Beranda / Romansa / Suami Kontrak CEO Cantik / Bab 6 : Masuk Ke Dunia Baru

Share

Bab 6 : Masuk Ke Dunia Baru

Penulis: Nanasshi
last update Terakhir Diperbarui: 2025-01-09 21:13:29

Hasya duduk di sudut sofa kulit hitam yang terasa terlalu empuk untuk tubuhnya yang kaku. Matanya menatap langit-langit apartemen Kara yang tinggi dengan lampu gantung kristal yang berkilauan di atasnya. Seluruh ruangan ini terasa seperti bagian dari majalah interior mewah—dengan dinding marmer putih, lukisan-lukisan mahal, dan perabotan yang tampak lebih mahal dari total biaya hidupnya selama setahun.

Ia meneguk ludah, merasa kecil dan tidak pada tempatnya. Napasnya berat, seolah udara di ruangan ini terlalu tipis untuknya.

“Kamu kenapa duduk di situ seperti tersesat?”

Suara Kara mengagetkan Hasya. Wanita itu baru saja keluar dari kamar dengan pakaian kerja yang rapi dan elegan. Sepatunya berbunyi pelan di atas lantai marmer saat ia mendekat.

Hasya berusaha tersenyum, tapi yang keluar lebih seperti seringai canggung. “Aku nggak tahu harus ngapain,” jawabnya jujur.

Kara memiringkan kepalanya, menatap Hasya seolah sedang menilai sesuatu yang penting. “Kamu kelihatan seperti anak kucing yang dibuang ke rumah besar. Jangan seperti itu.”

“Aku memang nggak biasa dengan tempat seperti ini.” Hasya menggaruk belakang kepalanya. “Jujur saja, aku bahkan takut menyentuh sesuatu di sini. Kayak semuanya bakal pecah kalau aku salah gerak.”

Kara terkekeh kecil. “Well, kalau pecah, kita beli lagi. Tapi yang lebih penting dari itu…” Kara duduk di seberangnya, menatap Hasya lekat-lekat. “Penampilanmu harus berubah.”

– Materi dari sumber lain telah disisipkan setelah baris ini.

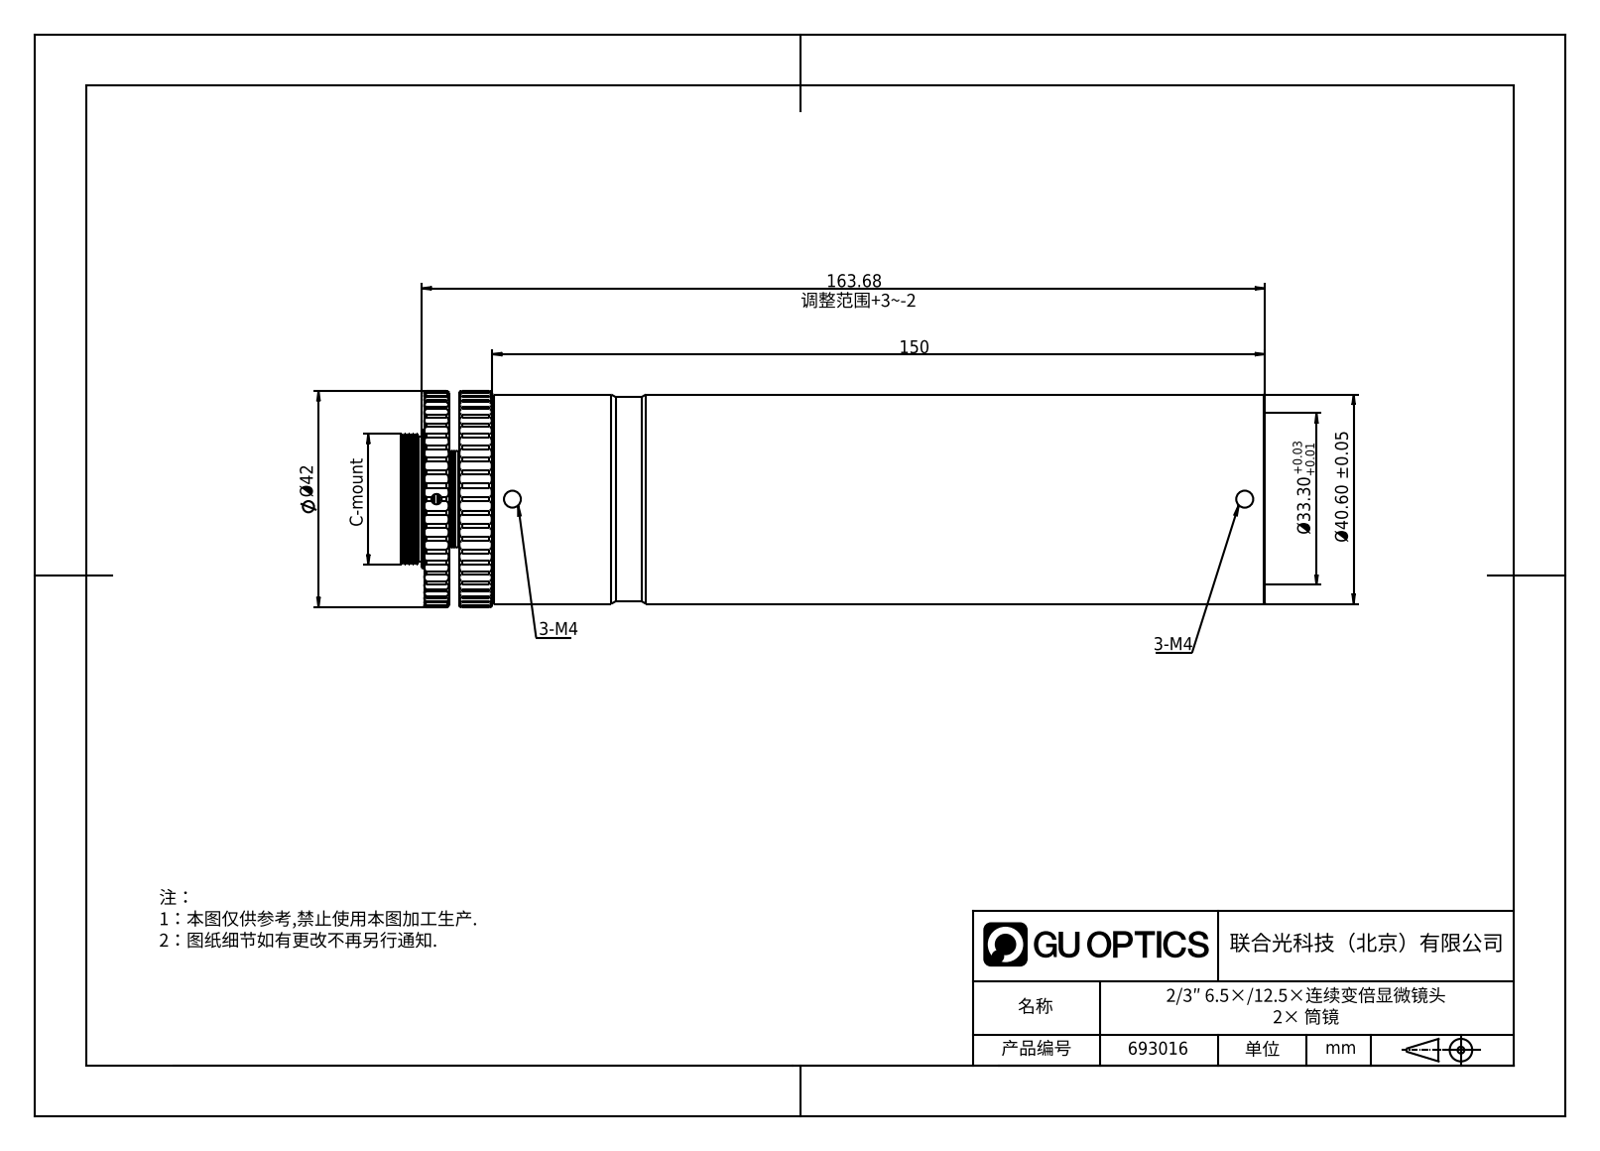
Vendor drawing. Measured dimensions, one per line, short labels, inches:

Hasya mengernyit. “Penampilanku?”

Kara melirik pakaian yang dikenakan Hasya—kaus polos abu-abu yang sudah agak pudar dan celana jeans lusuh. Sandalnya pun sudah terlihat usang. “Ya, penampilanmu. Kamu adalah suami seorang CEO sekarang. Orang-orang akan menilai kita dari apa yang mereka lihat. Dan aku tidak bisa membiarkanmu terlihat seperti ini.”

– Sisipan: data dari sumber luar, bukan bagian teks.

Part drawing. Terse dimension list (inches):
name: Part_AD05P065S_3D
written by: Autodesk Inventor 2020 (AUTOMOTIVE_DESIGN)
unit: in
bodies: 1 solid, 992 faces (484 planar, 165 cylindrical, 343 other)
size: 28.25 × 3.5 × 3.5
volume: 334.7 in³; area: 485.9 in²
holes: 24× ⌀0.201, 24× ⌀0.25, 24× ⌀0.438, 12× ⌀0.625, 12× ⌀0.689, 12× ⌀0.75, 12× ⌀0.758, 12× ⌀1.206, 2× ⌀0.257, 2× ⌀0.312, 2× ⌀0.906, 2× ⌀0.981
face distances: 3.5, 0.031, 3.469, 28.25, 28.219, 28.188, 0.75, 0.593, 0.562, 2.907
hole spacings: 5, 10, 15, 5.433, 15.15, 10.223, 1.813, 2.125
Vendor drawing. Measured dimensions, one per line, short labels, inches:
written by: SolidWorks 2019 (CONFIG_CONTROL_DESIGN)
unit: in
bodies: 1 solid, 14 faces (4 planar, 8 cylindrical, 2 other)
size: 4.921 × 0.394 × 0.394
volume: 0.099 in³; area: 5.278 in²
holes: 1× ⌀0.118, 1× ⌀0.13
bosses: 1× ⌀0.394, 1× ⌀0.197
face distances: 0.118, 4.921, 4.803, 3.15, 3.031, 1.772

Hasya merasa telinganya memanas. “Apa maksudmu? Aku nggak punya baju mahal, kalau itu yang kamu pikirkan.”

“Justru itu masalahnya.” Kara berdiri dan mengambil tas tangannya. “Ayo, kita pergi belanja.”

^^^^

Hasya menatap pantulan dirinya di cermin besar di dalam ruang ganti. Ia mengenakan setelan jas hitam yang sangat pas di tubuhnya, dengan kemeja putih bersih dan dasi sutra yang rapi. Rambutnya yang biasanya berantakan kini disisir rapi oleh salah satu pegawai butik.

Ia hampir tidak mengenali dirinya sendiri.

Kara berdiri di sampingnya dengan senyum puas. “Nah, ini baru kelihatan seperti suami seorang CEO.”

Hasya memandangi dirinya sendiri lagi. “Aku kelihatan… aneh.”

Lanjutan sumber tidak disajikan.